The new behavior of setting req.ttl = 0s is similar to setting req.hash_always_miss = true, the main difference is that req.ttl allows for request coalescing. Useful for short-lived non-private objects.

I would like to define this behavior in the documentation somewhere, but didn't find a good place to put it.

Both req.ttl and req.grace are initialized to -1, which is why this change does not break everything. But setting req.ttl/grace to -1s in VCL ends up setting them to 0s, as these two req attributes have extra logic in their respective definitions:

REQ_VAR_L(ttl, d_ttl, VCL_DURATION, if (!(arg>0.0)) arg = 0;)
REQ_VAR_R(ttl, d_ttl, VCL_DURATION)
REQ_VAR_L(grace, d_grace, VCL_DURATION, if (!(arg>0.0)) arg = 0;)
REQ_VAR_R(grace, d_grace, VCL_DURATION)

Since this commit effectively prevents VCL writers from "clearing" req.ttl by setting it to 0s, maybe we should consider allowing users to clear req.ttl/grace by setting them to -1s?

@dridi
Copy link
Member

dridi commented Jan 18, 2024

Since this commit effectively prevents VCL writers from "clearing" req.ttl by setting it to 0s, maybe we should consider allowing users to clear req.ttl/grace by setting them to -1s?

Maybe this is for the best? What about this instead?

unset req.ttl;
unset req.grace;

@nigoroll
Copy link
Member

My take: Integrate Dridis suggestion and update the docs, then it's a good improvement!

@dridi
Copy link
Member

dridi commented Jan 25, 2024

A thought occurred to me, shouldn't we use NAN when req.{ttl,grace} are unset?

@hermunn
Copy link
Member

hermunn commented Jan 31, 2024

The problem with this PR is that it does not do what the title says. In the event of a waiting list, and there is a queue of clients waiting for an object, a newly inserted object will be "fresh", even if the "waiting list clients" all have req.ttl = 0s; and req.grace = 0s;, so these clients will get hits on the inserted object (the one which the clients on the waiting list were waiting for). This should be documented in a test case. Of course, this might be desired or undesired for the user, which is a problem.

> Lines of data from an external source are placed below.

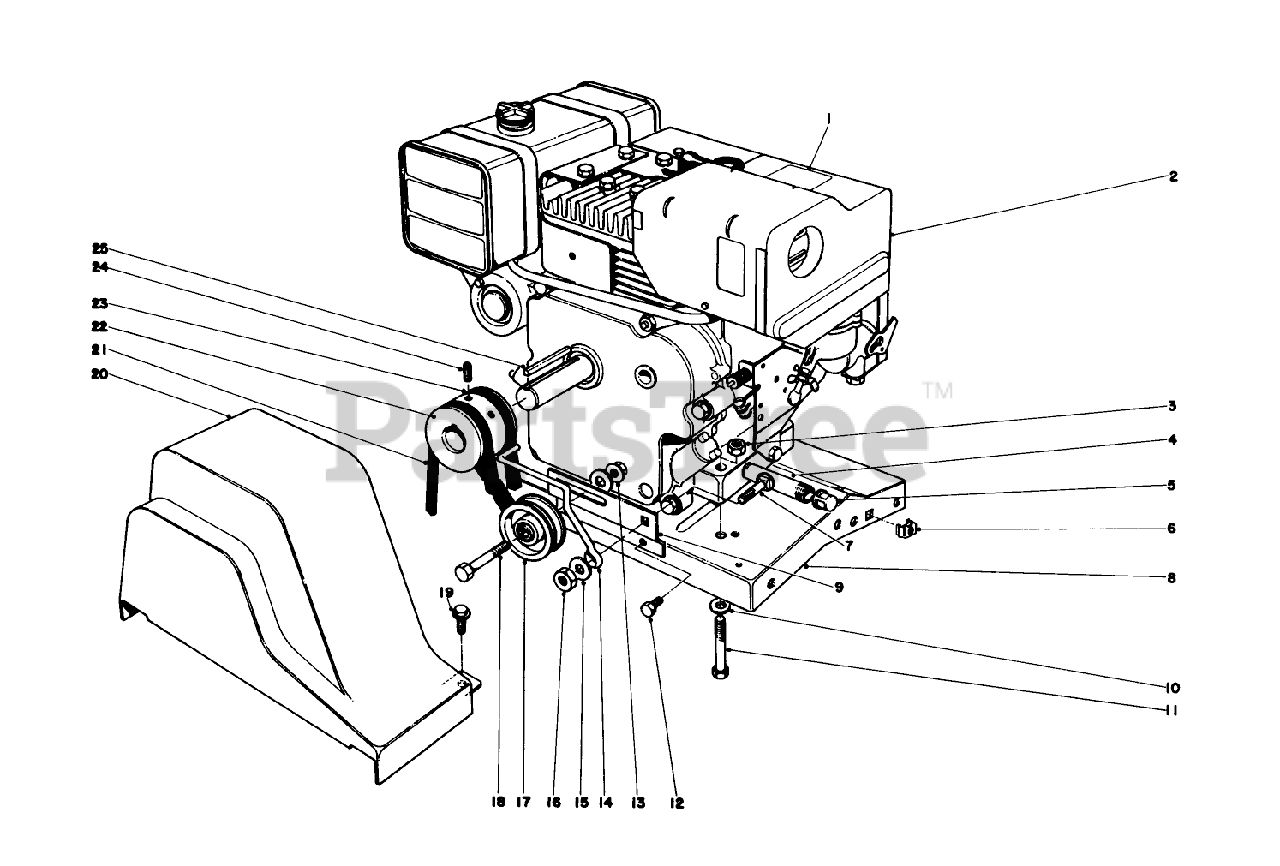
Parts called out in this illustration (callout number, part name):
1	Decal Instruction
2	Engine
3	NUT-LOCK, CONE
4	NIPPLE-PIPE
5	CAP-PIPE
6	Retained Nut
7	SCREW-CARR
8	Engine Base
9	Belt Idler Bracket
10	WASHER-PLAIN
11	SCREW-HH
12	SCREW-HH, TAP
13	NUT-HHF, WHIZ
14	BELT GUIDE
15	WASHER-FLAT
16	NUT-HEX
17	Idler Pulley
18	SCREW-HH
19	SCREW-HWH
20	BELT GUARD
21	V-Belt
22	Pulley
23	V-Belt
24	Screw-Set

The question is if we should special case the situation req.ttl = 0s; and req.grace = 0s; to mean I don't want a hit, grace or not, but do go on the waiting list if there is a busy object, and do grab the stale_oc if you find somthing. I don't like the idea of adding a new symbol for this behavior, in the way we have hash_always_miss and hash_ignore_busy, but it might be the "most correct" solution.

@dridi
Copy link
Member

dridi commented Jan 31, 2024

I think it would be more accurate to say "consider all objects stale when req.ttl = 0s".

Aren't we creating a perpetual waiter if the client disregards both TTL and grace? That is, when there is a busy object, the outcome will always be to disembark the request. So until the request wins the miss race, it will compete with other "req.ttl = req.grace = 0s" requests.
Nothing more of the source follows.